**Your instructions**
Every record that follows must be set down word for word.

+++ Data for the task

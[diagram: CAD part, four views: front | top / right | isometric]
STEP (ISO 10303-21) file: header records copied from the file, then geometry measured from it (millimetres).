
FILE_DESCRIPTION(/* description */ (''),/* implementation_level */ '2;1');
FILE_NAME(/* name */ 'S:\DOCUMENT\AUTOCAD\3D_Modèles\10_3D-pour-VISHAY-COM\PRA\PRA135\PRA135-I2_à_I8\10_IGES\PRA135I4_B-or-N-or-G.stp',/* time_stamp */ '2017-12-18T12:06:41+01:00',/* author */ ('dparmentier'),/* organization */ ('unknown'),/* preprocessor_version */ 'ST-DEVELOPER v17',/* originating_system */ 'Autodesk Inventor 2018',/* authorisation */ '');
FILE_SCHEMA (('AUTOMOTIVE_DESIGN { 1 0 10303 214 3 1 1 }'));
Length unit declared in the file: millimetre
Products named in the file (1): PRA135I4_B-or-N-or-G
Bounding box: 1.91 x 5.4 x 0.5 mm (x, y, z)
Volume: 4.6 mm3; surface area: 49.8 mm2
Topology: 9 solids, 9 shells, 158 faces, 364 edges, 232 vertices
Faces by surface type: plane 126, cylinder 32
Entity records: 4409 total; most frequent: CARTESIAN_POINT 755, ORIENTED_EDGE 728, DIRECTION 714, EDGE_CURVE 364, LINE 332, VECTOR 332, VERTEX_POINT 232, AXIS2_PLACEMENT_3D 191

++++++

**Task result**
[diagram: CAD part, four views: front | top / right | isometric]
STEP (ISO 10303-21) file: header records copied from the file, then geometry measured from it (millimetres).
FILE_DESCRIPTION(/* description */ (''),/* implementation_level */ '2;1');
FILE_NAME(/* name */ 'S:\DOCUMENT\AUTOCAD\3D_Modèles\10_3D-pour-VISHAY-COM\PRA\PRA135\PRA135-I2_à_I8\10_IGES\PRA135I4_B-or-N-or-G.stp',/* time_stamp */ '2017-12-18T12:06:41+01:00',/* author */ ('dparmentier'),/* organization */ ('unknown'),/* preprocessor_version */ 'ST-DEVELOPER v17',/* originating_system */ 'Autodesk Inventor 2018',/* authorisation */ '');
FILE_SCHEMA (('AUTOMOTIVE_DESIGN { 1 0 10303 214 3 1 1 }'));
Length unit declared in the file: millimetre
Products named in the file (1): PRA135I4_B-or-N-or-G
Bounding box: 1.91 x 5.4 x 0.5 mm (x, y, z)
Volume: 4.6 mm3; surface area: 49.8 mm2
Topology: 9 solids, 9 shells, 158 faces, 364 edges, 232 vertices
Faces by surface type: plane 126, cylinder 32
Entity records: 4409 total; most frequent: CARTESIAN_POINT 755, ORIENTED_EDGE 728, DIRECTION 714, EDGE_CURVE 364, LINE 332, VECTOR 332, VERTEX_POINT 232, AXIS2_PLACEMENT_3D 191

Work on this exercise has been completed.